What needs to be done: Without skipping or changing anything, print all the entries.
[Exercise data Boundary: Start]
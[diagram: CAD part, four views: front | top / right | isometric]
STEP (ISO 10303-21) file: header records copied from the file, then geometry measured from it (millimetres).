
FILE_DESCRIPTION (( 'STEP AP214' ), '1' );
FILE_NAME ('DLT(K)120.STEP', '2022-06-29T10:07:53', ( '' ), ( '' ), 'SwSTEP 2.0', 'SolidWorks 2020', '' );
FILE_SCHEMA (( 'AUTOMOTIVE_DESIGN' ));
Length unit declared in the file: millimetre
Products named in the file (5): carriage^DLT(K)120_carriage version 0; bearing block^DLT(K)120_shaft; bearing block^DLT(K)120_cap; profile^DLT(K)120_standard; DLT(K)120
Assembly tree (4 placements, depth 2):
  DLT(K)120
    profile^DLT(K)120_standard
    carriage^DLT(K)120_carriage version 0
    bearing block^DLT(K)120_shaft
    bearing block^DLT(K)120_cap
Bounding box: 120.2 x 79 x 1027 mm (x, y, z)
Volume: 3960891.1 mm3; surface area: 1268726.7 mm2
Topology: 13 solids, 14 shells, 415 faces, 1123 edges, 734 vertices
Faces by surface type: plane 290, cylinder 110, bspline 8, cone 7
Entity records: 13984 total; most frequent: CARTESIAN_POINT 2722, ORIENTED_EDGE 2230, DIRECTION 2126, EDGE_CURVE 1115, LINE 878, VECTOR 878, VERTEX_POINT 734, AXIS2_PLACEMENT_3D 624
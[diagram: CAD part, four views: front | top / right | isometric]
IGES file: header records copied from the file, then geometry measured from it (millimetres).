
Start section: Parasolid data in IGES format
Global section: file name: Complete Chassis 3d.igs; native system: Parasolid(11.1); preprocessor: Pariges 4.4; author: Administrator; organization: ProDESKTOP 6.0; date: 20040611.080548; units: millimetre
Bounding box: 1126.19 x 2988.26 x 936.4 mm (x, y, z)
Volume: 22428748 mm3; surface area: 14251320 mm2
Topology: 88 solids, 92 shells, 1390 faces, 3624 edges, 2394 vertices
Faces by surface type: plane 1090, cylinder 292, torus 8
[Exercise data Boundary: End]
Solution for this exercise:
[diagram: CAD part, four views: front | top / right | isometric]
STEP (ISO 10303-21) file: header records copied from the file, then geometry measured from it (millimetres).
FILE_DESCRIPTION (( 'STEP AP214' ), '1' );
FILE_NAME ('DLT(K)120.STEP', '2022-06-29T10:07:53', ( '' ), ( '' ), 'SwSTEP 2.0', 'SolidWorks 2020', '' );
FILE_SCHEMA (( 'AUTOMOTIVE_DESIGN' ));
Length unit declared in the file: millimetre
Products named in the file (5): carriage^DLT(K)120_carriage version 0; bearing block^DLT(K)120_shaft; bearing block^DLT(K)120_cap; profile^DLT(K)120_standard; DLT(K)120
Assembly tree (4 placements, depth 2):
  DLT(K)120
    profile^DLT(K)120_standard
    carriage^DLT(K)120_carriage version 0
    bearing block^DLT(K)120_shaft
    bearing block^DLT(K)120_cap
Bounding box: 120.2 x 79 x 1027 mm (x, y, z)
Volume: 3960891.1 mm3; surface area: 1268726.7 mm2
Topology: 13 solids, 14 shells, 415 faces, 1123 edges, 734 vertices
Faces by surface type: plane 290, cylinder 110, bspline 8, cone 7
Entity records: 13984 total; most frequent: CARTESIAN_POINT 2722, ORIENTED_EDGE 2230, DIRECTION 2126, EDGE_CURVE 1115, LINE 878, VECTOR 878, VERTEX_POINT 734, AXIS2_PLACEMENT_3D 624
[diagram: CAD part, four views: front | top / right | isometric]
IGES file: header records copied from the file, then geometry measured from it (millimetres).
Start section: Parasolid data in IGES format
Global section: file name: Complete Chassis 3d.igs; native system: Parasolid(11.1); preprocessor: Pariges 4.4; author: Administrator; organization: ProDESKTOP 6.0; date: 20040611.080548; units: millimetre
Bounding box: 1126.19 x 2988.26 x 936.4 mm (x, y, z)
Volume: 22428748 mm3; surface area: 14251320 mm2
Topology: 88 solids, 92 shells, 1390 faces, 3624 edges, 2394 vertices
Faces by surface type: plane 1090, cylinder 292, torus 8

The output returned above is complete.